A revoir Leos Carax aujourd'hui, à observer les manières matoises

avec lesquelles il tient à distance les curieux, à constater l'espèce de fièvre énervée que sa présence suscite, à écouter la méchante rumeur qui court sur son film et les dégoûts excessifs de ses contempteurs déjà rouillés, on se dit qu'il y a au fond peu de différences entre le jeune homme venu présenter ici, il y a quinze ans, son premier long métrage, Boy Meets Girl, et celui d'aujourd'hui.
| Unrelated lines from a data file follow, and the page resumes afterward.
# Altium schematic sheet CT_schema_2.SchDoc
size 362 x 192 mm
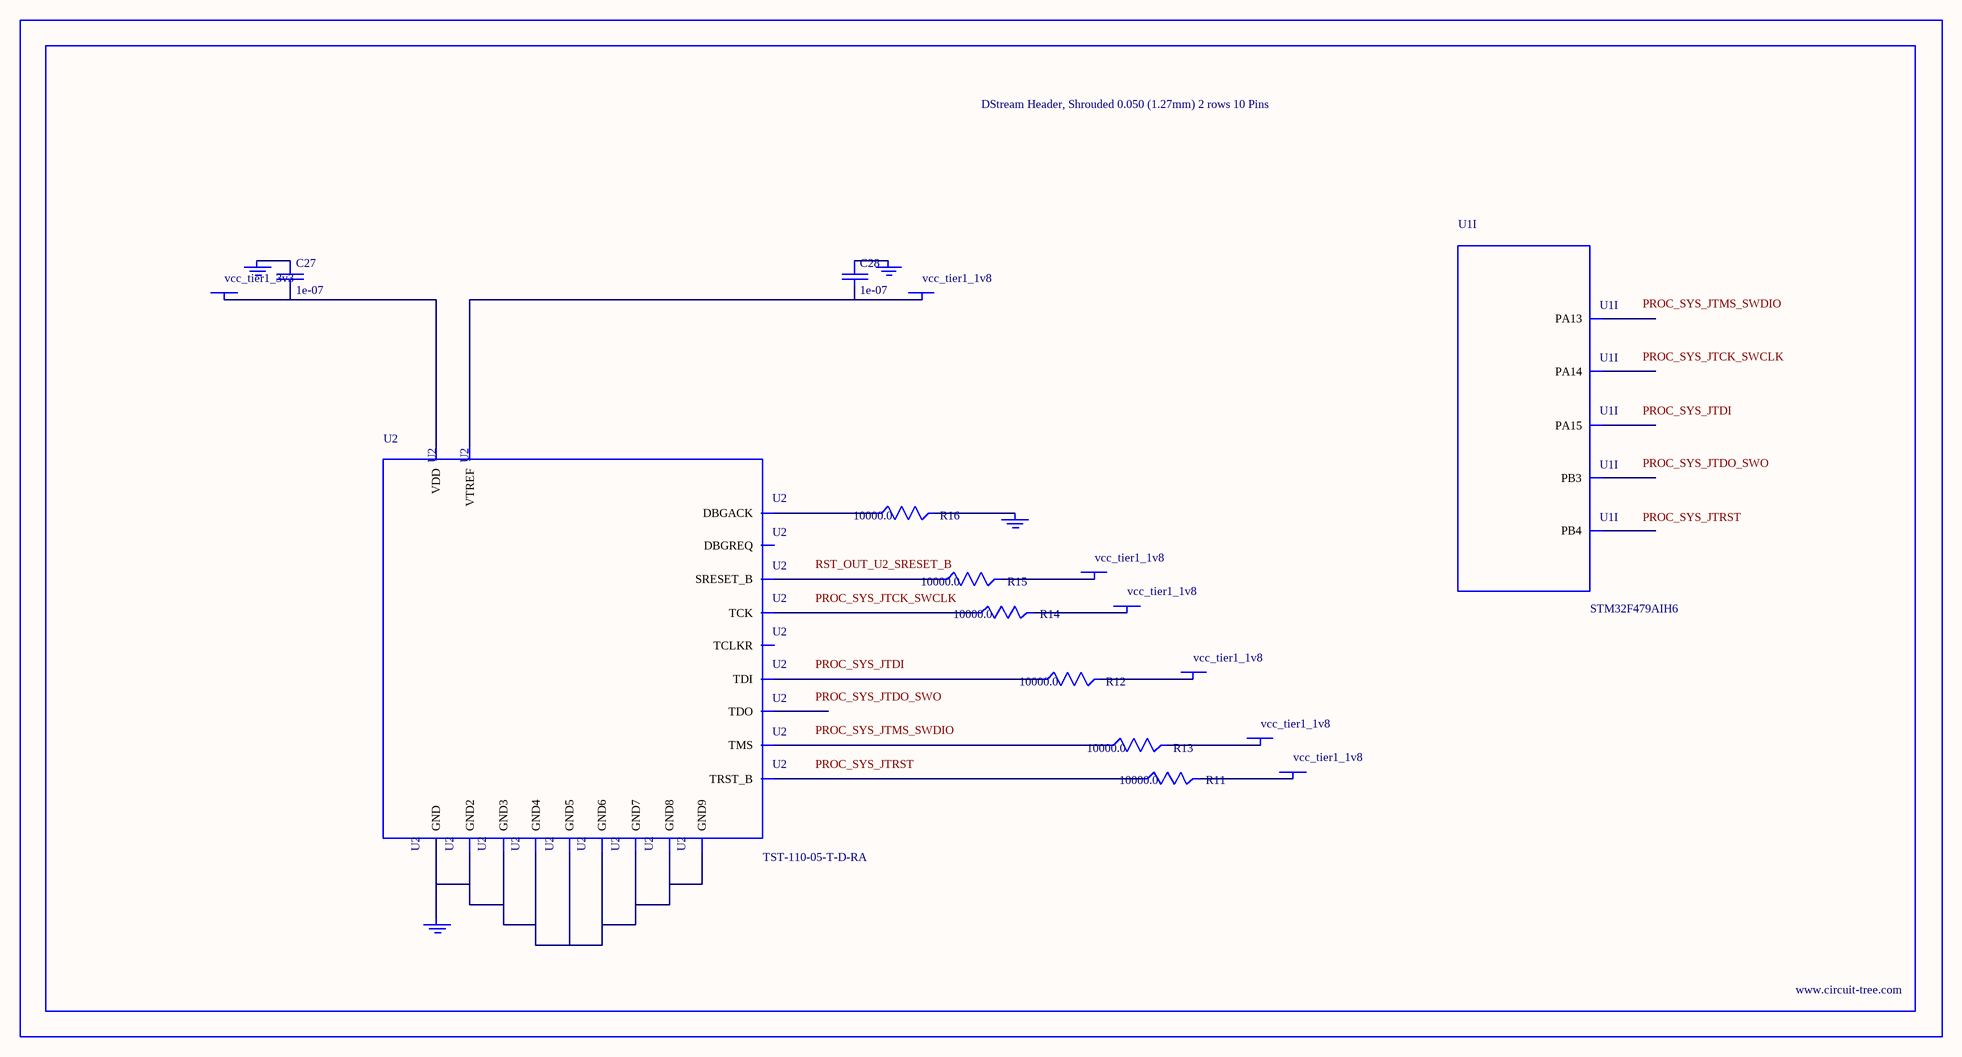
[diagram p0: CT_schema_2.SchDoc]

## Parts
BORDER1  (no value)
C27  1e-07  [C0402]
C28  1e-07  [C0402]
GND_INSTANCE_1_0  (no value)
GND_INSTANCE_1_1  (no value)
GND_INSTANCE_1_2  (no value)
GND_INSTANCE_1_3  (no value)
POWER_INSTANCE_1_0  vcc_tier1_1v8
POWER_INSTANCE_1_1  vcc_tier1_3v3
POWER_INSTANCE_1_2  vcc_tier1_1v8
POWER_INSTANCE_1_3  vcc_tier1_1v8
POWER_INSTANCE_1_4  vcc_tier1_1v8
POWER_INSTANCE_1_5  vcc_tier1_1v8
POWER_INSTANCE_1_6  vcc_tier1_1v8
R11  10000.0  [R0603]
R12  10000.0  [R0603]
R13  10000.0  [R0603]
R14  10000.0  [R0603]
R15  10000.0  [R0603]
R16  10000.0  [R0603]
U1  STM32F479AIH6  [UFBGA169]  (part I of 14)
U2  TST-110-05-T-D-RA  [TST-110-05-T-D-RA]

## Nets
NetC27_1: C27.1 GND_INSTANCE_1_1.0(GND)
NetC27_2: C27.2 POWER_INSTANCE_1_1.0(PWR) U2.2(VDD)
NetC28_1: C28.1 GND_INSTANCE_1_0.0(GND)
NetC28_2: C28.2 POWER_INSTANCE_1_0.0(PWR) U2.1(VTREF)
NetGND_INSTANCE_1_2_0: GND_INSTANCE_1_2.0(GND) R16.2
NetGND_INSTANCE_1_3_0: GND_INSTANCE_1_3.0(GND) U2.4(GND) U2.6(GND2) U2.8(GND3) U2.10(GND4) U2.12(GND5) U2.14(GND6) U2.16(GND7) U2.18(GND8) U2.20(GND9)
NetPOWER_INSTANCE_1_2_0: POWER_INSTANCE_1_2.0(PWR) R11.2
NetPOWER_INSTANCE_1_3_0: POWER_INSTANCE_1_3.0(PWR) R12.2
NetPOWER_INSTANCE_1_4_0: POWER_INSTANCE_1_4.0(PWR) R13.2
NetPOWER_INSTANCE_1_5_0: POWER_INSTANCE_1_5.0(PWR) R14.2
NetPOWER_INSTANCE_1_6_0: POWER_INSTANCE_1_6.0(PWR) R15.2
NetR11_1: R11.1 U2.3(TRST_B)
NetR12_1: R12.1 U2.5(TDI)
NetR13_1: R13.1 U2.7(TMS)
NetR14_1: R14.1 U2.9(TCK)
NetR15_1: R15.1 U2.15(SRESET_B)
NetR16_1: R16.1 U2.19(DBGACK)

Not connected (* = marked no-connect by the designer): U1 A10(PA14) A11(PA13) B5(PB3) B11(PA15) D6(PB4); U2 11(TCLKR) 13(TDO) 17(DBGREQ)

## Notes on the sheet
- Labels drawn without touching a wire or pin: PROC_SYS_JTCK_SWCLK, PROC_SYS_JTDI, PROC_SYS_JTDO_SWO, PROC_SYS_JTMS_SWDIO, PROC_SYS_JTRST, RST_OUT_U2_SRESET_B

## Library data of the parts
BORDER1 = BORDER_PAGE1
C27 C28 = C0402C104K3RACTU
GND_INSTANCE_1_0-GND_INSTANCE_1_3 = GND
POWER_INSTANCE_1_0-POWER_INSTANCE_1_6 = PWR
R11-R16 = RC0603JR-0710KL

On se dit encore qu'être cinéaste, même peu actif (quatre longs et deux courts à 39 ans, on a connu plus prolixe), finalement, ça conserve, et que cet effet Dorian Gray sied bien à Carax: le cinéma, grâces lui soient rendues, est un monde dans lequel enfance et adolescence ont la liberté d'être prolongées, parce qu'il encourage une sainte immaturité.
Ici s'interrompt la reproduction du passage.